# Raleigh Firebird



## Tim s (Nov 1, 2021)

I picked this up at the Tuckerton NJ swap meet yesterday from a fellow bike collector. The orange and white colors along with the little touches are what caught my eye. I tried some compound on a few spots and I think it will clean up nicely. Tim


----------



## Tim s (Nov 22, 2021)

I compounded and waxed the frame and fork as well as added new white wall tires. I am going to try to save the bar tape by just cleaning it carefully. Tim


----------



## kostnerave (Nov 22, 2021)

Tim s said:


> I compounded and waxed the frame and fork as well as added new white wall tires. I am going to try to save the bar tape by just cleaning it carefully. Tim
> 
> View attachment 1516395
> 
> View attachment 1516396



Hi Tim, I've had good luck carefully unwinding vinyl handlbar tape and soaking it in Simple Green and warm water overnight. I remove it in the morning and use a soft brush to lightly scrub the remaining dirt off. Let it dry and re-tape. I really like the color on this one.


----------



## Tim s (Nov 23, 2021)

Thanks, I really like the color combination too I just have to get motivated to finish the bright pieces. Tim


----------



## Tim s (Dec 29, 2021)

The Raleigh Firebird is coming along nicely. I used cleaner wax to clean the bar tape and brake cable housing. Almost done! Tim


----------



## Lonestar (Dec 29, 2021)

Nice job! Looks great!


----------



## juvela (Jan 31, 2022)

-----

thank you for sharing this find

had not before heard the model name

notice it wears a transfer from Vancouver, British Columbia

appears identical to what is termed the Record model in the U.S. market

is it what the Record model was called for the Canandian market?

appears to date from around the 1971-1972 time, is that correct?

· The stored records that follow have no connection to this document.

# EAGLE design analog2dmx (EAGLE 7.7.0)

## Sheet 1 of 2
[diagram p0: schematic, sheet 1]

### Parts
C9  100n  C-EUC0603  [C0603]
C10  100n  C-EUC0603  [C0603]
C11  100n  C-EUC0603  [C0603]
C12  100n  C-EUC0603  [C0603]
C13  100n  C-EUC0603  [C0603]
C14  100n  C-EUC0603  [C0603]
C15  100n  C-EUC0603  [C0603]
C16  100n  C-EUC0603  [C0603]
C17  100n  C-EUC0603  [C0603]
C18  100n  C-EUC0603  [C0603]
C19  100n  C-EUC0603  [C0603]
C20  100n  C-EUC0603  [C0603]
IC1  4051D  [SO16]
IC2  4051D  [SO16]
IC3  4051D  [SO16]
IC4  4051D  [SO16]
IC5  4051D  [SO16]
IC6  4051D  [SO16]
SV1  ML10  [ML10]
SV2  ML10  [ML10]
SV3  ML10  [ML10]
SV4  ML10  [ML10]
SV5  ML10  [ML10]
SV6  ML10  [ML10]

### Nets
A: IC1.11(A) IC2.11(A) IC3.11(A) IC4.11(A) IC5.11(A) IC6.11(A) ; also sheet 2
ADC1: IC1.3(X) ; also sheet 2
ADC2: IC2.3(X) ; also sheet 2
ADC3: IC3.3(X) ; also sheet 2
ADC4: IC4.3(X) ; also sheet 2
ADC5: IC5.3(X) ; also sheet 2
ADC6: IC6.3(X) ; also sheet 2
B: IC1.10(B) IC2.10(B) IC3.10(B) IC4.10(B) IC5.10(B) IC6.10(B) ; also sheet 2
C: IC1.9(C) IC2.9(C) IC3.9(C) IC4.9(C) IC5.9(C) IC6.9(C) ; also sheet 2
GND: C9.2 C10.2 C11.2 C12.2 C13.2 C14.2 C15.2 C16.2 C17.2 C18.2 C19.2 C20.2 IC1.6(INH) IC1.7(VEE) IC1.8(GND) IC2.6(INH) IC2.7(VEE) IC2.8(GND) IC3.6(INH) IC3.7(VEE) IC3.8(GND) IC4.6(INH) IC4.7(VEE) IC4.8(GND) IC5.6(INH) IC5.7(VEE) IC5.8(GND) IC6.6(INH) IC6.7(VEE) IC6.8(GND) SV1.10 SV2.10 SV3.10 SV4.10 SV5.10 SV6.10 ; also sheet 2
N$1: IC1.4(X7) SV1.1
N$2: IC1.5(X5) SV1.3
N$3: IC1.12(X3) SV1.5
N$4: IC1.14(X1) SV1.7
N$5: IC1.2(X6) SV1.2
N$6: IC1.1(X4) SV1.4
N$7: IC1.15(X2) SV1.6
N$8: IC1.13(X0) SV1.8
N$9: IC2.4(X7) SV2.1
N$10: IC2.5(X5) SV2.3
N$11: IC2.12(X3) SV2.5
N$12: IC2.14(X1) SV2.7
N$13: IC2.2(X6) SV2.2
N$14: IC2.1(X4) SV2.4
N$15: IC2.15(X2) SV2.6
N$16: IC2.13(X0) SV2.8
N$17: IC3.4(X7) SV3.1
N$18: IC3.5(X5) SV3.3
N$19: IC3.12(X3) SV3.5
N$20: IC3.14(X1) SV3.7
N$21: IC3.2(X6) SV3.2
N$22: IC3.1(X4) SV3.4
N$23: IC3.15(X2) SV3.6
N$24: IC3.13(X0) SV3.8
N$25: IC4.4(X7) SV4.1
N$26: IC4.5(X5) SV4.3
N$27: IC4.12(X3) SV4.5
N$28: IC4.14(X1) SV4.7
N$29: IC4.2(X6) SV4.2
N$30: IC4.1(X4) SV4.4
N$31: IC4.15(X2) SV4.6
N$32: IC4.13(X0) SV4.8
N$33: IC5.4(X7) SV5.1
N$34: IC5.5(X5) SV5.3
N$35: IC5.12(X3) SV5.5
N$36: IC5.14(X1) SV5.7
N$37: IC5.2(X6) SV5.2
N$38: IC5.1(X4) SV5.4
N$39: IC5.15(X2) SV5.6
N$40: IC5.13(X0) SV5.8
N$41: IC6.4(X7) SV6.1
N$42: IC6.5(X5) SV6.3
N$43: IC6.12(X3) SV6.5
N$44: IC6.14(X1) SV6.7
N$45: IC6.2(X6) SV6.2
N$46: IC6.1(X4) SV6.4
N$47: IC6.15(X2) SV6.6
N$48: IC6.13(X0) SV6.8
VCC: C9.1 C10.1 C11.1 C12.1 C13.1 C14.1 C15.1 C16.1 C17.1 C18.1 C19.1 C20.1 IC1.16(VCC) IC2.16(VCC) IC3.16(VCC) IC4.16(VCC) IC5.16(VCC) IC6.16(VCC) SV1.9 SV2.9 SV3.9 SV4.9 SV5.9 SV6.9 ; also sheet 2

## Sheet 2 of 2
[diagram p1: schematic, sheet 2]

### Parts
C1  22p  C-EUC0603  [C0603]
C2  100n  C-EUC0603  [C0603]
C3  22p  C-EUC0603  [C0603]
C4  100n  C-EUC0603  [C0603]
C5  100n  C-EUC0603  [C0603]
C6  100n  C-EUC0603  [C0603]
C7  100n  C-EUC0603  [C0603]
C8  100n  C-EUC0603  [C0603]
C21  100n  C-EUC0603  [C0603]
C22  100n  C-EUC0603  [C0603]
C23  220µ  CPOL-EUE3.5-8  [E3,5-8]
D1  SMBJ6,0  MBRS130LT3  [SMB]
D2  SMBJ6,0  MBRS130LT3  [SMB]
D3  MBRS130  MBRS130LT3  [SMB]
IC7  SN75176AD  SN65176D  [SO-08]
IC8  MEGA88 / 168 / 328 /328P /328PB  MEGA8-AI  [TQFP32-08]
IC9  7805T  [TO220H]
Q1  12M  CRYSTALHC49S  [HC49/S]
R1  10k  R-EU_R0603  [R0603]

the cycle's Simplex Prestige gear mechs may carry a date mark:









curious as to what gear block is fitted; some examples around this time came through with T.D. Cross blocks and some with Atom

looks like you are nearing completion

very nice work

shall look forward to seeing the finished bicycle


-----


----------



## Tim s (Feb 12, 2022)

Juvela, I think the bike is a 71 based on the number on the rear derailleur arm. Here are some finished pics and thanks for the positive comments. Tim


----------



## Tim s (Feb 12, 2022)

In looking at the seat I think needs to go and replace it with a period correct one. Tim


----------



## juvela (Feb 27, 2022)

-----

Hello again Tim,

Thanks very much for the update with the images of the completed project.

Positively showroom she looks.

See that you have replaced the Simplex Prestige front gear mech with a Schwinn Approved Huret one.

Was the Delrin on the Simplex cracked? They are prone to this.

Will the bike be a keeper for you or someone in the family?

Thanks again  


-----


----------



## Oilit (Mar 3, 2022)

Are those 27" rims? I know most 3 speeds were 26", then when derailleurs became popular most bikes went to 27" tires, but some of the early derailleur bikes were still 26". I'm wondering if the tube crown forks are a tell as to which one it is, but I haven't seen enough to know.


----------



## Tim s (Mar 4, 2022)

The front derailleur did crack so I just used what I had to get it done. I am not sure whether this bike is a keeper or not. The rims/tires are 27 inch. Tim


----------